Dataset excerpts
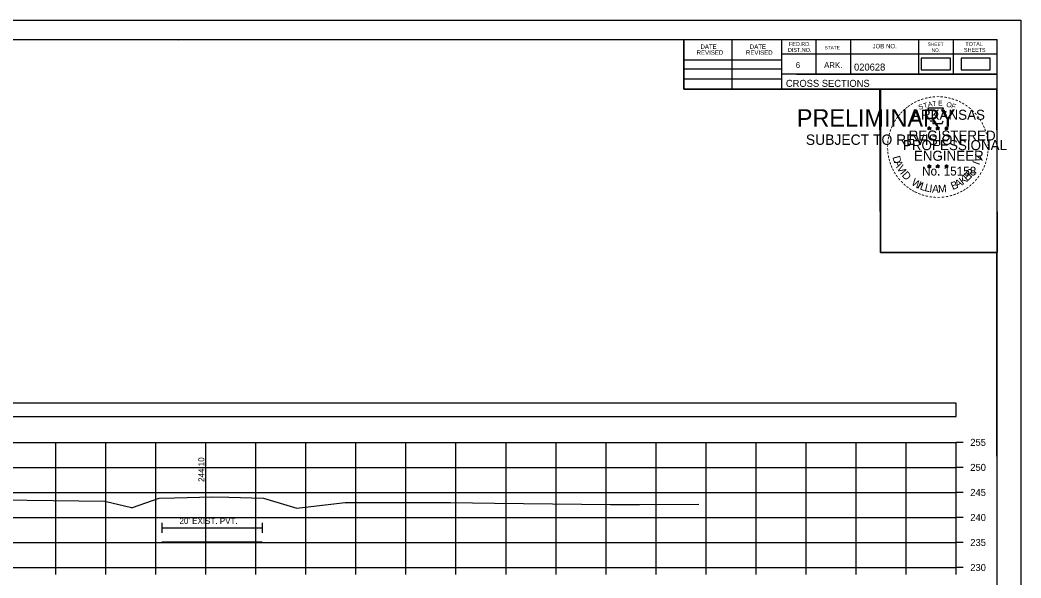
# Model space of a CAD drawing. Extents: x 1369627 to 1374022, y 380035 to 398173.
# Drawn here: x 1370142.1 to 1370342.2, y 382696.8 to 382808.3 of the extents above; entities that cross this region are included whole.
import ezdxf

# ---------------------------------------------------------------- set-up
doc = ezdxf.new("R2010")
doc.units = 0
for name, color, linetype in [('Default', 7, 'Continuous'), ('R_Axis', 7, 'Continuous'), ('R_Axis Annot', 7, 'Continuous'), ('R_Border', 7, 'Continuous'), ('R_Border PE', 7, 'Continuous'), ('R_Border Prem', 7, 'Continuous'), ('R_Exist Surface', 7, 'Continuous'), ('R_Grid', 7, 'Continuous'), ('R_MOT', 7, 'Continuous'), ('R_No Plot', 7, 'Continuous'), ('R_Xsect Elev', 7, 'Continuous')]:
    doc.layers.add(name, color=color, linetype=linetype)

msp = doc.modelspace()

# ---------------------------------------------------------------- linework, layer by layer
at = {"layer": 'Default'}
for points in [[(1370322.23, 382798.33), (1370328.06, 382798.33), (1370328.06, 382800.64), (1370322.23, 382800.64)], [(1370330.19, 382798.33), (1370336.03, 382798.33), (1370336.03, 382800.64), (1370330.19, 382800.64)], [(1370029.24, 382729.06), (1370329.24, 382729.06), (1370329.24, 382731.76), (1370029.24, 382731.76)]]:
    msp.add_lwpolyline(points, close=True, dxfattribs=at)
at = {"layer": 'R_Axis'}
for p, q in [((1370329.24, 382698.91), (1370329.24, 382723.91)), ((1370330.64, 382723.91), (1370329.24, 382723.91)), ((1370330.64, 382718.91), (1370329.24, 382718.91)), ((1370330.64, 382713.91), (1370329.24, 382713.91)), ((1370330.64, 382708.91), (1370329.24, 382708.91)), ((1370330.64, 382703.91), (1370329.24, 382703.91)), ((1370029.24, 382698.91), (1370329.24, 382698.91)), ((1370149.24, 382697.51), (1370149.24, 382698.91)), ((1370159.24, 382697.51), (1370159.24, 382698.91)), ((1370169.24, 382697.51), (1370169.24, 382698.91)), ((1370179.24, 382697.51), (1370179.24, 382698.91)), ((1370189.24, 382697.51), (1370189.24, 382698.91)), ((1370199.24, 382697.51), (1370199.24, 382698.91)), ((1370209.24, 382697.51), (1370209.24, 382698.91)), ((1370219.24, 382697.51), (1370219.24, 382698.91)), ((1370229.24, 382697.51), (1370229.24, 382698.91)), ((1370239.24, 382697.51), (1370239.24, 382698.91)), ((1370249.24, 382697.51), (1370249.24, 382698.91)), ((1370259.24, 382697.51), (1370259.24, 382698.91)), ((1370269.24, 382697.51), (1370269.24, 382698.91)), ((1370279.24, 382697.51), (1370279.24, 382698.91)), ((1370289.24, 382697.51), (1370289.24, 382698.91)), ((1370299.24, 382697.51), (1370299.24, 382698.91)), ((1370309.24, 382697.51), (1370309.24, 382698.91)), ((1370319.24, 382697.51), (1370319.24, 382698.91)), ((1370329.24, 382697.51), (1370329.24, 382698.91)), ((1370330.64, 382698.91), (1370329.24, 382698.91))]:
    msp.add_line(p, q, dxfattribs=at)
at = {"layer": 'R_Border'}
for p, q in [((1370021.24, 382804.37), (1370337.42, 382804.37)), ((1370173.76, 382804.11), (1370173.76, 382804.11)), ((1370173.76, 382804.11), (1370173.76, 382804.11)), ((1370274.78, 382794.49), (1370274.78, 382804.37)), ((1370284.46, 382794.49), (1370284.46, 382804.37)), ((1370294.32, 382804.37), (1370294.32, 382794.49)), ((1370301.16, 382804.37), (1370301.16, 382797.43)), ((1370308.1, 382804.37), (1370308.1, 382797.43)), ((1370321.68, 382804.37), (1370321.68, 382797.43)), ((1370328.62, 382804.37), (1370328.62, 382797.43)), ((1370337.42, 382598.91), (1370337.42, 382804.37)), ((1370337.42, 382801.43), (1370294.32, 382801.43)), ((1370337.42, 382801.45), (1370337.42, 382801.45)), ((1370274.78, 382800.35), (1370294.32, 382800.35)), ((1370274.78, 382798.49), (1370294.32, 382798.49)), ((1370337.42, 382797.43), (1370294.32, 382797.43)), ((1370297.28, 382797.43), (1370337.42, 382797.43)), ((1370274.78, 382796.55), (1370294.32, 382796.55)), ((1370337.42, 382794.49), (1370274.78, 382794.49))]:
    msp.add_line(p, q, dxfattribs=at)
at = {"layer": 'R_Border PE'}
for p, q in [((1370323.5, 382786.75), (1370323.85, 382786.64)), ((1370323.5, 382786.75), (1370323.76, 382786.7)), ((1370323.5, 382786.75), (1370323.74, 382786.63)), ((1370323.64, 382786.34), (1370323.85, 382786.64)), ((1370323.64, 382786.34), (1370323.76, 382786.58)), ((1370323.64, 382786.34), (1370323.85, 382786.56)), ((1370323.85, 382787), (1370323.81, 382786.75)), ((1370323.85, 382786.64), (1370323.85, 382787)), ((1370323.85, 382787), (1370323.9, 382786.75)), ((1370324.2, 382786.75), (1370323.85, 382786.64)), ((1370324.07, 382786.34), (1370323.85, 382786.64)), ((1370324.07, 382786.34), (1370323.85, 382786.55)), ((1370324.2, 382786.75), (1370323.91, 382786.7)), ((1370324.07, 382786.34), (1370323.93, 382786.63)), ((1370324.2, 382786.75), (1370324, 382786.65)), ((1370325.17, 382786.75), (1370325.52, 382786.64)), ((1370325.17, 382786.75), (1370325.43, 382786.7)), ((1370325.17, 382786.75), (1370325.41, 382786.63)), ((1370325.31, 382786.34), (1370325.52, 382786.64)), ((1370325.31, 382786.34), (1370325.43, 382786.58)), ((1370325.31, 382786.34), (1370325.52, 382786.56)), ((1370325.52, 382787), (1370325.48, 382786.75)), ((1370325.52, 382786.64), (1370325.52, 382787)), ((1370325.52, 382787), (1370325.57, 382786.75)), ((1370325.87, 382786.75), (1370325.52, 382786.64)), ((1370325.74, 382786.34), (1370325.52, 382786.64)), ((1370325.74, 382786.34), (1370325.52, 382786.55)), ((1370325.87, 382786.75), (1370325.58, 382786.7)), ((1370325.74, 382786.34), (1370325.6, 382786.63)), ((1370325.87, 382786.75), (1370325.67, 382786.65)), ((1370326.94, 382786.74), (1370327.29, 382786.62)), ((1370326.94, 382786.74), (1370327.19, 382786.69)), ((1370326.94, 382786.74), (1370327.18, 382786.61)), ((1370327.07, 382786.33), (1370327.29, 382786.62)), ((1370327.07, 382786.33), (1370327.2, 382786.57)), ((1370327.07, 382786.33), (1370327.29, 382786.54)), ((1370327.29, 382786.99), (1370327.25, 382786.74)), ((1370327.29, 382786.62), (1370327.29, 382786.99)), ((1370327.29, 382786.99), (1370327.34, 382786.74)), ((1370327.63, 382786.74), (1370327.29, 382786.62)), ((1370327.5, 382786.33), (1370327.29, 382786.62)), ((1370327.5, 382786.33), (1370327.29, 382786.54)), ((1370327.63, 382786.74), (1370327.35, 382786.69)), ((1370327.5, 382786.33), (1370327.36, 382786.62)), ((1370327.63, 382786.74), (1370327.43, 382786.63)), ((1370323.5, 382779.17), (1370323.85, 382779.06)), ((1370323.5, 382779.17), (1370323.75, 382779.13)), ((1370323.5, 382779.17), (1370323.74, 382779.05)), ((1370323.85, 382779.43), (1370323.81, 382779.18)), ((1370323.85, 382779.06), (1370323.85, 382779.43)), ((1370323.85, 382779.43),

▶ [Try it] If a line above includes the word "linetype", count it; then give the final number by itself.

▶ [Task solution] 2